Physicists are playful people. They like a good joke and a rib, although some may not admit it. When I worked for the University of Arizona Physics Department, some of the loudest laughter in the building could be found coming from professors’ offices. An academic might be sharing a humorous account of a data mistake or a lab goof with his or her post doc or grad student (“and this is where I wrote > instead of <, thus condemning us all to a world without gravity!”) and a big belly chortle could be heard from down the hall.

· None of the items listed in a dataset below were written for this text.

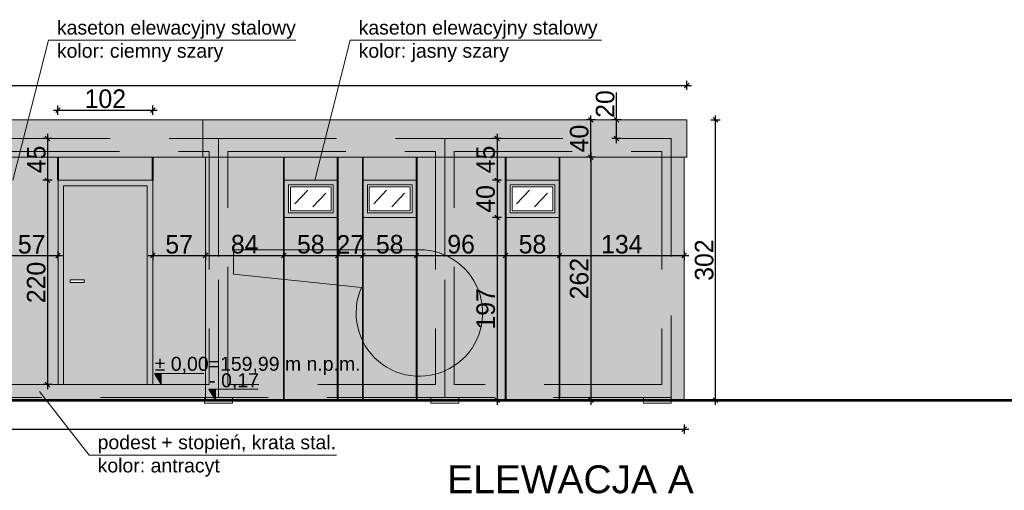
# Model space of a CAD drawing. Header units: millimetres. Extents: x 1962 to 3194, y -795 to -219.
# Tile 248 of 256: x 2806 to 2817, y -477 to -472. Entities that reach past the tile are written whole.
import ezdxf

# ---------------------------------------------------------------- set-up
doc = ezdxf.new("R2010")
doc.units = ezdxf.units.MM
doc.linetypes.add('HIDDEN', pattern=[9.525, 6.35, -3.175])
doc.layers.get('0').update_dxf_attribs({"lineweight": 5})
doc.layers.get('Defpoints').update_dxf_attribs({"lineweight": 9})
for name, color, linetype, lineweight in [('A_elewacje kolorystyka', 252, 'Continuous', 9), ('A_elewacje opisy', 63, 'Continuous', 9), ('A_hidden', 137, 'HIDDEN', 9), ('A_koty wysokośc.', 53, 'Continuous', 9), ('A_obiekty trybuny', 126, 'Continuous', 9), ('A_przekrojowe', 42, 'Continuous', 9), ('A_widok', 142, 'Continuous', 9), ('A_wymiary kasetony elewacyjne', 64, 'Continuous', 9)]:
    doc.layers.add(name, color=color, linetype=linetype, lineweight=lineweight)
doc.styles.get("Standard").update_dxf_attribs({"font": 'arial.ttf'})
doc.styles.add('wymiary pzt', font='txt')
doc.dimstyles.new('wymiary detale', dxfattribs={"dimtxt": 0.2, "dimasz": 0.05, "dimexe": 0.05, "dimexo": 0, "dimgap": 0.02, "dimtad": 1, "dimdec": 0, "dimlfac": 100, "dimzin": 0, "dimtxsty": 'wymiary pzt', "dimblk": 'OBLIQUE', "dimcen": 0.1, "dimdle": 0.05, "dimadec": 1, "dimazin": 0, "dimtfac": 1, "dimtmove": 0, "dimatfit": 3, "dimfxl": 0, "dimarcsym": 0})

# ---------------------------------------------------------------- blocks, each defined once
blk = doc.blocks.new('zw$CA91')
at = {"layer": 'A_koty wysokośc.'}
h = blk.add_hatch(color=256, dxfattribs=at)
h.dxf.hatch_style = 1
h.paths.add_polyline_path([(-0.448, 0.753), (0, 0), (0, 0.753)])
blk.add_lwpolyline([(2.874, 0.753), (-0.448, 0.753), (0, 0), (0, 0.753)], dxfattribs=at)
blk = doc.blocks.new('_Oblique')
at = {"color": 0, "linetype": 'ByBlock', "lineweight": -2}
blk.add_line((-0.5, -0.5), (0.5, 0.5), dxfattribs=at)
blk = doc.blocks.new('*D304')
at = {"layer": 'A_wymiary kasetony elewacyjne', "color": 0, "lineweight": -2}
for p, q in [((2806.078, -474.399), (2806.747, -474.399)), ((2806.128, -474.349), (2806.128, -474.449)), ((2806.697, -474.349), (2806.697, -474.449))]:
    blk.add_line(p, q, dxfattribs=at)
at = {"layer": 'Defpoints', "color": 0}
for p in [(2806.128, -473.338), (2806.697, -473.338), (2806.697, -474.399)]:
    blk.add_point(p, dxfattribs=at)
at = {"layer": 'A_wymiary kasetony elewacyjne', "color": 0, "lineweight": -2, "xscale": 0.05, "yscale": 0.05, "zscale": 0.05, "rotation": 180}
blk.add_blockref('_Oblique', (2806.128, -474.399), dxfattribs=at)
at = {"layer": 'A_wymiary kasetony elewacyjne', "color": 0, "lineweight": -2, "xscale": 0.05, "yscale": 0.05, "zscale": 0.05}
blk.add_blockref('_Oblique', (2806.697, -474.399), dxfattribs=at)
at = {"layer": 'A_wymiary kasetony elewacyjne', "color": 0, "insert": (2806.413, -474.278), "char_height": 0.2, "attachment_point": 5, "style": 'wymiary pzt'}
blk.add_mtext('57', dxfattribs=at)
blk = doc.blocks.new('*D305')
at = {"layer": 'A_wymiary kasetony elewacyjne', "color": 0, "lineweight": -2}
for p, q in [((2806.697, -472.882), (2806.697, -472.782)), ((2807.717, -472.882), (2807.717, -472.782)), ((2806.647, -472.832), (2807.767, -472.832))]:
    blk.add_line(p, q, dxfattribs=at)
at = {"layer": 'Defpoints', "color": 0}
for p in [(2807.717, -472.832), (2806.697, -473.338), (2807.717, -473.338)]:
    blk.add_point(p, dxfattribs=at)
at = {"layer": 'A_wymiary kasetony elewacyjne', "color": 0, "lineweight": -2, "xscale": 0.05, "yscale": 0.05, "zscale": 0.05, "rotation": 180}
blk.add_blockref('_Oblique', (2806.697, -472.832), dxfattribs=at)
at = {"layer": 'A_wymiary kasetony elewacyjne', "color": 0, "lineweight": -2, "xscale": 0.05, "yscale": 0.05, "zscale": 0.05}
blk.add_blockref('_Oblique', (2807.717, -472.832), dxfattribs=at)
at = {"layer": 'A_wymiary kasetony elewacyjne', "color": 0, "insert": (2807.207, -472.71), "char_height": 0.2, "attachment_point": 5, "style": 'wymiary pzt'}
blk.add_mtext('102', dxfattribs=at)
blk = doc.blocks.new('*D306')
at = {"layer": 'A_wymiary kasetony elewacyjne', "color": 0, "lineweight": -2}
for p, q in [((2807.667, -474.399), (2808.336, -474.399)), ((2807.717, -474.349), (2807.717, -474.449)), ((2808.286, -474.349), (2808.286, -474.449))]:
    blk.add_line(p, q, dxfattribs=at)
at = {"layer": 'Defpoints', "color": 0}
for p in [(2807.717, -473.338), (2808.286, -473.338), (2808.286, -474.399)]:
    blk.add_point(p, dxfattribs=at)
at = {"layer": 'A_wymiary kasetony elewacyjne', "color": 0, "lineweight": -2, "xscale": 0.05, "yscale": 0.05, "zscale": 0.05, "rotation": 180}
blk.add_blockref('_Oblique', (2807.717, -474.399), dxfattribs=at)
at = {"layer": 'A_wymiary kasetony elewacyjne', "color": 0, "lineweight": -2, "xscale": 0.05, "yscale": 0.05, "zscale": 0.05}
blk.add_blockref('_Oblique', (2808.286, -474.399), dxfattribs=at)
at = {"layer": 'A_wymiary kasetony elewacyjne', "color": 0, "insert": (2808.002, -474.278), "char_height": 0.2, "attachment_point": 5, "style": 'wymiary pzt'}
blk.add_mtext('57', dxfattribs=at)
blk = doc.blocks.new('*D307')
at = {"layer": 'A_wymiary kasetony elewacyjne', "color": 0, "lineweight": -2}
for p, q in [((2808.236, -474.399), (2809.18, -474.399)), ((2808.286, -474.349), (2808.286, -474.449)), ((2809.13, -474.349), (2809.13, -474.449))]:
    blk.add_line(p, q, dxfattribs=at)
at = {"layer": 'Defpoints', "color": 0}
for p in [(2808.286, -473.338), (2809.13, -473.338), (2809.13, -474.399)]:
    blk.add_point(p, dxfattribs=at)
at = {"layer": 'A_wymiary kasetony elewacyjne', "color": 0, "lineweight": -2, "xscale": 0.05, "yscale": 0.05, "zscale": 0.05, "rotation": 180}
blk.add_blockref('_Oblique', (2808.286, -474.399), dxfattribs=at)
at = {"layer": 'A_wymiary kasetony elewacyjne', "color": 0, "lineweight": -2, "xscale": 0.05, "yscale": 0.05, "zscale": 0.05}
blk.add_blockref('_Oblique', (2809.13, -474.399), dxfattribs=at)
at = {"layer": 'A_wymiary kasetony elewacyjne', "color": 0, "insert": (2808.708, -474.277), "char_height": 0.2, "attachment_point": 5, "style": 'wymiary pzt'}
blk.add_mtext('84', dxfattribs=at)
blk = doc.blocks.new('*D308')
at = {"layer": 'A_wymiary kasetony elewacyjne', "color": 0, "lineweight": -2}
for p, q in [((2809.08, -474.399), (2809.76, -474.399)), ((2809.13, -474.349), (2809.13, -474.449)), ((2809.71, -474.349), (2809.71, -474.449))]:
    blk.add_line(p, q, dxfattribs=at)
at = {"layer": 'Defpoints', "color": 0}
for p in [(2809.13, -473.338), (2809.71, -473.338), (2809.71, -474.399)]:
    blk.add_point(p, dxfattribs=at)
at = {"layer": 'A_wymiary kasetony elewacyjne', "color": 0, "lineweight": -2, "xscale": 0.05, "yscale": 0.05, "zscale": 0.05, "rotation": 180}
blk.add_blockref('_Oblique', (2809.13, -474.399), dxfattribs=at)
at = {"layer": 'A_wymiary kasetony elewacyjne', "color": 0, "lineweight": -2, "xscale": 0.05, "yscale": 0.05, "zscale": 0.05}
blk.add_blockref('_Oblique', (2809.71, -474.399), dxfattribs=at)
at = {"layer": 'A_wymiary kasetony elewacyjne', "color": 0, "insert": (2809.42, -474.277), "char_height": 0.2, "attachment_point": 5, "style": 'wymiary pzt'}
blk.add_mtext('58', dxfattribs=at)
blk = doc.blocks.new('*D309')
at = {"layer": 'A_wymiary kasetony elewacyjne', "color": 0, "lineweight": -2}
for p, q in [((2809.66, -474.399), (2810.03, -474.399)), ((2809.71, -474.349), (2809.71, -474.449)), ((2809.98, -474.349), (2809.98, -474.449))]:
    blk.add_line(p, q, dxfattribs=at)
at = {"layer": 'Defpoints', "color": 0}
for p in [(2809.71, -473.338), (2809.98, -473.338), (2809.98, -474.399)]:
    blk.add_point(p, dxfattribs=at)
at = {"layer": 'A_wymiary kasetony elewacyjne', "color": 0, "lineweight": -2, "xscale": 0.05, "yscale": 0.05, "zscale": 0.05, "rotation": 180}
blk.add_blockref('_Oblique', (2809.71, -474.399), dxfattribs=at)
at = {"layer": 'A_wymiary kasetony elewacyjne', "color": 0, "lineweight": -2, "xscale": 0.05, "yscale": 0.05, "zscale": 0.05}
blk.add_blockref('_Oblique', (2809.98, -474.399), dxfattribs=at)
at = {"layer": 'A_wymiary kasetony elewacyjne', "color": 0, "insert": (2809.845, -474.278), "char_height": 0.2, "attachment_point": 5, "style": 'wymiary pzt'}
blk.add_mtext('27', dxfattribs=at)
blk = doc.blocks.new('*D310')
at = {"layer": 'A_wymiary kasetony elewacyjne', "color": 0, "lineweight": -2}
for p, q in [((2809.93, -474.399), (2810.61, -474.399)), ((2809.98, -474.349), (2809.98, -474.449)), ((2810.56, -474.349), (2810.56, -474.449))]:
    blk.add_line(p, q, dxfattribs=at)
at = {"layer": 'Defpoints', "color": 0}
for p in [(2809.98, -473.338), (2810.56, -473.338), (2810.56, -474.399)]:
    blk.add_point(p, dxfattribs=at)
at = {"layer": 'A_wymiary kasetony elewacyjne', "color": 0, "lineweight": -2, "xscale": 0.05, "yscale": 0.05, "zscale": 0.05, "rotation": 180}
blk.add_blockref('_Oblique', (2809.98, -474.399), dxfattribs=at)
at = {"layer": 'A_wymiary kasetony elewacyjne', "color": 0, "lineweight": -2, "xscale": 0.05, "yscale": 0.05, "zscale": 0.05}
blk.add_blockref('_Oblique', (2810.56, -474.399), dxfattribs=at)
at = {"layer": 'A_wymiary kasetony elewacyjne', "color": 0, "insert": (2810.27, -474.277), "char_height": 0.2, "attachment_point": 5, "style": 'wymiary pzt'}
blk.add_mtext('58', dxfattribs=at)
blk = doc.blocks.new('*D311')
at = {"layer": 'A_wymiary kasetony elewacyjne', "color": 0, "lineweight": -2}
for p, q in [((2810.51, -474.399), (2811.568, -474.399)), ((2810.56, -474.349), (2810.56, -474.449)), ((2811.518, -474.349), (2811.518, -474.449))]:
    blk.add_line(p, q, dxfattribs=at)
at = {"layer": 'Defpoints', "color": 0}
for p in [(2810.56, -473.338), (2811.518, -473.338), (2811.518, -474.399)]:
    blk.add_point(p, dxfattribs=at)
at = {"layer": 'A_wymiary kasetony elewacyjne', "color": 0, "lineweight": -2, "xscale": 0.05, "yscale": 0.05, "zscale": 0.05, "rotation": 180}
blk.add_blockref('_Oblique', (2810.56, -474.399), dxfattribs=at)
at = {"layer": 'A_wymiary kasetony elewacyjne', "color": 0, "lineweight": -2, "xscale": 0.05, "yscale": 0.05, "zscale": 0.05}
blk.add_blockref('_Oblique', (2811.518, -474.399), dxfattribs=at)
at = {"layer": 'A_wymiary kasetony elewacyjne', "color": 0, "insert": (2811.039, -474.277), "char_height": 0.2, "attachment_point": 5, "style": 'wymiary pzt'}
blk.add_mtext('96', dxfattribs=at)
blk = doc.blocks.new('*D312')
at = {"layer": 'A_wymiary kasetony elewacyjne', "color": 0, "lineweight": -2}
for p, q in [((2811.468, -474.399), (2812.148, -474.399)), ((2811.518, -474.349), (2811.518, -474.449)), ((2812.098, -474.349), (2812.098, -474.449))]:
    blk.add_line(p, q, dxfattribs=at)
at = {"layer": 'Defpoints', "color": 0}
for p in [(2811.518, -473.338), (2812.098, -473.338), (2812.098, -474.399)]:
    blk.add_point(p, dxfattribs=at)
at = {"layer": 'A_wymiary kasetony elewacyjne', "color": 0, "lineweight": -2, "xscale": 0.05, "yscale": 0.05, "zscale": 0.05, "rotation": 180}
blk.add_blockref('_Oblique', (2811.518, -474.399), dxfattribs=at)
at = {"layer": 'A_wymiary kasetony elewacyjne', "color": 0, "lineweight": -2, "xscale": 0.05, "yscale": 0.05, "zscale": 0.05}
blk.add_blockref('_Oblique', (2812.098, -474.399), dxfattribs=at)
at = {"layer": 'A_wymiary kasetony elewacyjne', "color": 0, "insert": (2811.808, -474.277), "char_height": 0.2, "attachment_point": 5, "style": 'wymiary pzt'}
blk.add_mtext('58', dxfattribs=at)
blk = doc.blocks.new('*D313')
at = {"layer": 'A_wymiary kasetony elewacyjne', "color": 0, "lineweight": -2}
for p, q in [((2812.048, -474.399), (2813.492, -474.399)), ((2812.098, -474.349), (2812.098, -474.449)), ((2813.442, -474.349), (2813.442, -474.449))]:
    blk.add_line(p, q, dxfattribs=at)
at = {"layer": 'Defpoints', "color": 0}
for p in [(2812.098, -473.338), (2813.442, -473.338), (2813.442, -474.399)]:
    blk.add_point(p, dxfattribs=at)
at = {"layer": 'A_wymiary kasetony elewacyjne', "color": 0, "lineweight": -2, "xscale": 0.05, "yscale": 0.05, "zscale": 0.05, "rotation": 180}
blk.add_blockref('_Oblique', (2812.098, -474.399), dxfattribs=at)
at = {"layer": 'A_wymiary kasetony elewacyjne', "color": 0, "lineweight": -2, "xscale": 0.05, "yscale": 0.05, "zscale": 0.05}
blk.add_blockref('_Oblique', (2813.442, -474.399), dxfattribs=at)
at = {"layer": 'A_wymiary kasetony elewacyjne', "color": 0, "insert": (2812.77, -474.277), "char_height": 0.2, "attachment_point": 5, "style": 'wymiary pzt'}
blk.add_mtext('134', dxfattribs=at)
blk = doc.blocks.new('*D514')
at = {"layer": 'A_wymiary kasetony elewacyjne', "color": 0, "lineweight": -2}
for p, q in [((2812.485, -473.338), (2812.385, -473.338)), ((2812.435, -473.288), (2812.435, -476.007)), ((2812.485, -475.957), (2812.385, -475.957))]:
    blk.add_line(p, q, dxfattribs=at)
at = {"layer": 'Defpoints', "color": 0}
for p in [(2813.442, -473.338), (2812.435, -475.957), (2813.442, -475.957)]:
    blk.add_point(p, dxfattribs=at)
at = {"layer": 'A_wymiary kasetony elewacyjne', "color": 0, "lineweight": -2, "xscale": 0.05, "yscale": 0.05, "zscale": 0.05}
for p, rotation in [((2812.435, -473.338), 90), ((2812.435, -475.957), 270)]:
    blk.add_blockref('_Oblique', p, dxfattribs=dict(at, rotation=rotation))
at = {"layer": 'A_wymiary kasetony elewacyjne', "color": 0, "insert": (2812.312, -474.647), "char_height": 0.2, "attachment_point": 5, "rotation": 90, "style": 'wymiary pzt'}
blk.add_mtext('262', dxfattribs=at)
blk = doc.blocks.new('*D515')
at = {"layer": 'A_wymiary kasetony elewacyjne', "color": 0, "lineweight": -2}
for p, q in [((2811.426, -473.088), (2811.426, -473.638)), ((2811.476, -473.138), (2811.376, -473.138)), ((2811.476, -473.588), (2811.376, -473.588))]:
    blk.add_line(p, q, dxfattribs=at)
at = {"layer": 'Defpoints', "color": 0}
for p in [(2811.518, -473.138), (2811.426, -473.588), (2811.518, -473.588)]:
    blk.add_point(p, dxfattribs=at)
at = {"layer": 'A_wymiary kasetony elewacyjne', "color": 0, "lineweight": -2, "xscale": 0.05, "yscale": 0.05, "zscale": 0.05}
for p, rotation in [((2811.426, -473.138), 90.00000000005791), ((2811.426, -473.588), 270.0000000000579)]:
    blk.add_blockref('_Oblique', p, dxfattribs=dict(at, rotation=rotation))
at = {"layer": 'A_wymiary kasetony elewacyjne', "color": 0, "insert": (2811.305, -473.363), "char_height": 0.2, "attachment_point": 5, "rotation": 90, "style": 'wymiary pzt'}
blk.add_mtext('45', dxfattribs=at)
blk = doc.blocks.new('*D516')
at = {"layer": 'A_wymiary kasetony elewacyjne', "color": 0, "lineweight": -2}
for p, q in [((2811.426, -473.538), (2811.426, -474.038)), ((2811.476, -473.588), (2811.376, -473.588)), ((2811.476, -473.988), (2811.376, -473.988))]:
    blk.add_line(p, q, dxfattribs=at)
at = {"layer": 'Defpoints', "color": 0}
for p in [(2811.518, -473.588), (2811.426, -473.988), (2811.518, -473.988)]:
    blk.add_point(p, dxfattribs=at)
at = {"layer": 'A_wymiary kasetony elewacyjne', "color": 0, "lineweight": -2, "xscale": 0.05, "yscale": 0.05, "zscale": 0.05}
for p, rotation in [((2811.426, -473.588), 90.00000000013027), ((2811.426, -473.988), 270.0000000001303)]:
    blk.add_blockref('_Oblique', p, dxfattribs=dict(at, rotation=rotation))
at = {"layer": 'A_wymiary kasetony elewacyjne', "color": 0, "insert": (2811.304, -473.788), "char_height": 0.2, "attachment_point": 5, "rotation": 90, "style": 'wymiary pzt'}
blk.add_mtext('40', dxfattribs=at)
blk = doc.blocks.new('*D517')
at = {"layer": 'A_wymiary kasetony elewacyjne', "color": 0, "lineweight": -2}
for p, q in [((2811.426, -473.938), (2811.426, -476.006)), ((2811.476, -473.988), (2811.376, -473.988)), ((2811.476, -475.956), (2811.376, -475.956))]:
    blk.add_line(p, q, dxfattribs=at)
at = {"layer": 'Defpoints', "color": 0}
for p in [(2811.518, -473.988), (2811.426, -475.956), (2811.518, -475.956)]:
    blk.add_point(p, dxfattribs=at)
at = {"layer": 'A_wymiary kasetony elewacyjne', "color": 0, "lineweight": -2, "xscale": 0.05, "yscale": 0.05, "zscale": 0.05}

Rarely did I hear any physics professors screaming, although like all humans, they probably did. I myself occasionally yelled while in my office and sometimes it got so loud people banged on the door to find out if I was in peril or having a nervous breakdown. One time in particular, I was typing a cold email to a scientist who I knew could be a very important contact for me and the department. But I was having writer’s block and I couldn’t find the words to pen even what seemed to be the simplest of intro letters.
Now before I go on, I know what you’re thinking – Alaina had writer’s block? What? How could that be? I know it’s quite astounding to conceptualize, but I too, dear readers am human, and sometimes encounter this devilish drag. Sitting there vacant of words, I decided to abandon my efforts for the time being and come back to it later. But unfortunately, instead of saving the email as a draft, I accidentally clicked “send” and suddenly my half-finished email, that precariously ended in the middle of a word, was hurtling through time and space to a person whom I had never met and on whom I wanted to make the most excellent of first impressions.
So naturally, I did what any human, adult, professional would do. I banged my desk as hard as I could with both fists and screamed at the top of my lungs a beastly word that rhymes with the layman’s term for a creature in the Genus Anas. The next thing I knew I heard someone knocking at my door, calling out to see if I was ok. “Just fine!” I countered, with a jolly and fake laugh, and then turned back to my computer grumbling like a child to myself, contemplating how I was going to get out of this mess.
I decided to take the path of least resistance and use my mistake to my advantage. Instead of retreating to the Van De Graaff Accelerator Lab in the basement (which would have absorbed all the curses I could have shouted), I telephoned the scientist directly. His assistant answered and of course asked who I was. I told her my name and affiliation and explained with a genuine giggle that I was the person who had just accidentally emailed her boss a half-written letter, and I wanted to apologize for my error. Surprisingly, she put me right through to the scholar, who, upon hearing my explanation, expressed humor at this most human of gaffes. We hit it off right away and he was able to help me with my query. After we finished our call, I dashed off a hand-written (and completed) thank you note, referencing our strange way of making each other’s acquaintance. We stayed in touch and he turned out to be a very helpful contact.
This was not to be the last of my blunders. No, friends, there were many more times I would screech, punch my desk or the walls, curse, and then laugh about it all. And there would be many times I would witness physics professors behaving in similar ways. But what’s earth shattering about that? Physicists are human too, after all.